## Extracted records
----------

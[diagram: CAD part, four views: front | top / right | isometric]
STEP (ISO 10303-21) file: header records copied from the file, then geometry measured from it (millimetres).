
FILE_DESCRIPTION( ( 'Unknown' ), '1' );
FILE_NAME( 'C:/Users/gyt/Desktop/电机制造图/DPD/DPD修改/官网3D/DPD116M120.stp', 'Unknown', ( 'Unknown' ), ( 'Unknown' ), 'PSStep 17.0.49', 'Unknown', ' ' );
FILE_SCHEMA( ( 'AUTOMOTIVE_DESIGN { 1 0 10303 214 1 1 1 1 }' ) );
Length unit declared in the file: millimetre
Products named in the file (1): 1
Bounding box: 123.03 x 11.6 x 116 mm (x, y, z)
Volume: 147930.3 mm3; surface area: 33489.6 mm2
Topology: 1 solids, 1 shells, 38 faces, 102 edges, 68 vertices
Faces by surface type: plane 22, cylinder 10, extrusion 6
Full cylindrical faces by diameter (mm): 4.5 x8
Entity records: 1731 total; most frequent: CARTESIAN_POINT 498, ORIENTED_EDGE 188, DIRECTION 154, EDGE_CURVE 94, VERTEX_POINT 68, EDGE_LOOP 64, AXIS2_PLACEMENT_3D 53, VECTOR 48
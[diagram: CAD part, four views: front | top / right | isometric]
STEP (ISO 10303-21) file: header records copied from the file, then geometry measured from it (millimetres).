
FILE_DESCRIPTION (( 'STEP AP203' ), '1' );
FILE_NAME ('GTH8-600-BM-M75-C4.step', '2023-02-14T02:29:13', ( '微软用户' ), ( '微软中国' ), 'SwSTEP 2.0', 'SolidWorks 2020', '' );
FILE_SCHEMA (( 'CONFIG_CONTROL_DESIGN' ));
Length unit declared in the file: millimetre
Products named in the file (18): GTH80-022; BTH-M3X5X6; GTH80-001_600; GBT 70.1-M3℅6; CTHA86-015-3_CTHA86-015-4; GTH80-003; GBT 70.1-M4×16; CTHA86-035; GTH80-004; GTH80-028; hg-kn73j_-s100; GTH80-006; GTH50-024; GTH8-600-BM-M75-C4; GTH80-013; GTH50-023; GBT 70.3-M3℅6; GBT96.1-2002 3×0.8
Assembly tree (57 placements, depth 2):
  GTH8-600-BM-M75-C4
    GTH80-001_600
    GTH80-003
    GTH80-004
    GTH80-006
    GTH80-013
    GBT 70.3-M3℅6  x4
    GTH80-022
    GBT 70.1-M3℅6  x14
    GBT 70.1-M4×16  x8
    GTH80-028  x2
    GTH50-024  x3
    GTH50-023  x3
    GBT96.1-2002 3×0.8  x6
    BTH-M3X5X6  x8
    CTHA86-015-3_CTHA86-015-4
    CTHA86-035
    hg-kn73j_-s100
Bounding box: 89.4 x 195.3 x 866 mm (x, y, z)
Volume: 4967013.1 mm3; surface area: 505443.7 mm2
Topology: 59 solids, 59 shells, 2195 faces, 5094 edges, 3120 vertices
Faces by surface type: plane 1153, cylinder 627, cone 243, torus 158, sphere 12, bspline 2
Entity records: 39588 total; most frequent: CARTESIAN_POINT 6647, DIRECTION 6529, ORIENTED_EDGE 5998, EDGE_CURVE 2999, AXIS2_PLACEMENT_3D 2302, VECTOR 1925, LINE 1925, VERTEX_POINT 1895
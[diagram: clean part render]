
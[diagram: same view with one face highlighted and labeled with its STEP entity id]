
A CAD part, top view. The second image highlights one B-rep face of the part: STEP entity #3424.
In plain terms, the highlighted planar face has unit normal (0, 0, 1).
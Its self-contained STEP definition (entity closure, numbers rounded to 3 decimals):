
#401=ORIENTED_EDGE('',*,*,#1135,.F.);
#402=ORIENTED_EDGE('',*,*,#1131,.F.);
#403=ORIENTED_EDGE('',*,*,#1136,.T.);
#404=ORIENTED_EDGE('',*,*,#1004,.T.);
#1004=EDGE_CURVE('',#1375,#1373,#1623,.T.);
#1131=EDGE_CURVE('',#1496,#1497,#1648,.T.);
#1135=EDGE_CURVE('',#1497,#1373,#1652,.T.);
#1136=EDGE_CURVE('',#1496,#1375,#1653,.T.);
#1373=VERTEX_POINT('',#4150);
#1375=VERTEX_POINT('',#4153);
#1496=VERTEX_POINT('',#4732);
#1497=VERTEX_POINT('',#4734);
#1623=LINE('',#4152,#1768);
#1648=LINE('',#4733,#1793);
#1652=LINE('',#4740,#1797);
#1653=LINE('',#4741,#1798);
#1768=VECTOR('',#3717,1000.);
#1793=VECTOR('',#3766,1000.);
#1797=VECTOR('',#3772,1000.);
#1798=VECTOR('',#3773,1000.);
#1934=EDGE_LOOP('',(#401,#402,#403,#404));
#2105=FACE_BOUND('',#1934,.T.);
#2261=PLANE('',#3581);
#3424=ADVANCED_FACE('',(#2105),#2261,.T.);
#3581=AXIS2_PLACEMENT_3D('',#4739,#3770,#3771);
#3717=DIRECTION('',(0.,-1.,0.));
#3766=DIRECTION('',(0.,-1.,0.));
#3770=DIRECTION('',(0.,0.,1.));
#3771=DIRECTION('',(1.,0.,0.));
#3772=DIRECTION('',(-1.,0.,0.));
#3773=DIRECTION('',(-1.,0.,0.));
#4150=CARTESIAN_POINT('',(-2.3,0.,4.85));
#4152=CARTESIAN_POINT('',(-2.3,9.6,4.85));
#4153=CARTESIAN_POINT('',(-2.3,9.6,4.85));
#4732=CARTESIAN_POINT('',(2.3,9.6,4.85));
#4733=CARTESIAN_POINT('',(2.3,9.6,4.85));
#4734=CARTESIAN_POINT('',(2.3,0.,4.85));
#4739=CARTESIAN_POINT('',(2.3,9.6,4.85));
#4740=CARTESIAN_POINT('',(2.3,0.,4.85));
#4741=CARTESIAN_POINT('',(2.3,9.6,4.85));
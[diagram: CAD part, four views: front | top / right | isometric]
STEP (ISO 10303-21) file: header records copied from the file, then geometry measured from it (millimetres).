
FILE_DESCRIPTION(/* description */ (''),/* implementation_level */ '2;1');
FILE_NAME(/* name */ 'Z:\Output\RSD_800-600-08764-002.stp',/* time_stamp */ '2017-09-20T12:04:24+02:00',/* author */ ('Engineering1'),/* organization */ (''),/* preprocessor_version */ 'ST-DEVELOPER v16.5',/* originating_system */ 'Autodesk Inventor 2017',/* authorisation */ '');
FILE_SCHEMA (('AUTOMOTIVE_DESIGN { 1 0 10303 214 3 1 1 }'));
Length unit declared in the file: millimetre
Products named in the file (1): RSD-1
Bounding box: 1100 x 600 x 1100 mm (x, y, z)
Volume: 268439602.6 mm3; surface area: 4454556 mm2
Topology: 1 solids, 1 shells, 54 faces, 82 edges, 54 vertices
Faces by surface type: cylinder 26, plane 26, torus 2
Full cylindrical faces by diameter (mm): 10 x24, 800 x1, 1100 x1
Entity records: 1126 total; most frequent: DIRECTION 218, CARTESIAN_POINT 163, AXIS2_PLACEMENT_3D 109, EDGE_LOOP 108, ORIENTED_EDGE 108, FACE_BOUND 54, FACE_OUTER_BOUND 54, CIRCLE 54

----------

## Prompt
Taking the entries above, write out exactly the lines starting with the line containing "#402=ORIENTED_EDGE('',*,*,#1131,.F.);" and going on through the line containing "#4733=CARTESIAN_POINT('',(2.3,9.6,4.85));", both included, and nothing else.

## Task result
#402=ORIENTED_EDGE('',*,*,#1131,.F.);
#403=ORIENTED_EDGE('',*,*,#1136,.T.);
#404=ORIENTED_EDGE('',*,*,#1004,.T.);
#1004=EDGE_CURVE('',#1375,#1373,#1623,.T.);
#1131=EDGE_CURVE('',#1496,#1497,#1648,.T.);
#1135=EDGE_CURVE('',#1497,#1373,#1652,.T.);
#1136=EDGE_CURVE('',#1496,#1375,#1653,.T.);
#1373=VERTEX_POINT('',#4150);
#1375=VERTEX_POINT('',#4153);
#1496=VERTEX_POINT('',#4732);
#1497=VERTEX_POINT('',#4734);
#1623=LINE('',#4152,#1768);
#1648=LINE('',#4733,#1793);
#1652=LINE('',#4740,#1797);
#1653=LINE('',#4741,#1798);
#1768=VECTOR('',#3717,1000.);
#1793=VECTOR('',#3766,1000.);
#1797=VECTOR('',#3772,1000.);
#1798=VECTOR('',#3773,1000.);
#1934=EDGE_LOOP('',(#401,#402,#403,#404));
#2105=FACE_BOUND('',#1934,.T.);
#2261=PLANE('',#3581);
#3424=ADVANCED_FACE('',(#2105),#2261,.T.);
#3581=AXIS2_PLACEMENT_3D('',#4739,#3770,#3771);
#3717=DIRECTION('',(0.,-1.,0.));
#3766=DIRECTION('',(0.,-1.,0.));
#3770=DIRECTION('',(0.,0.,1.));
#3771=DIRECTION('',(1.,0.,0.));
#3772=DIRECTION('',(-1.,0.,0.));
#3773=DIRECTION('',(-1.,0.,0.));
#4150=CARTESIAN_POINT('',(-2.3,0.,4.85));
#4152=CARTESIAN_POINT('',(-2.3,9.6,4.85));
#4153=CARTESIAN_POINT('',(-2.3,9.6,4.85));
#4732=CARTESIAN_POINT('',(2.3,9.6,4.85));
#4733=CARTESIAN_POINT('',(2.3,9.6,4.85));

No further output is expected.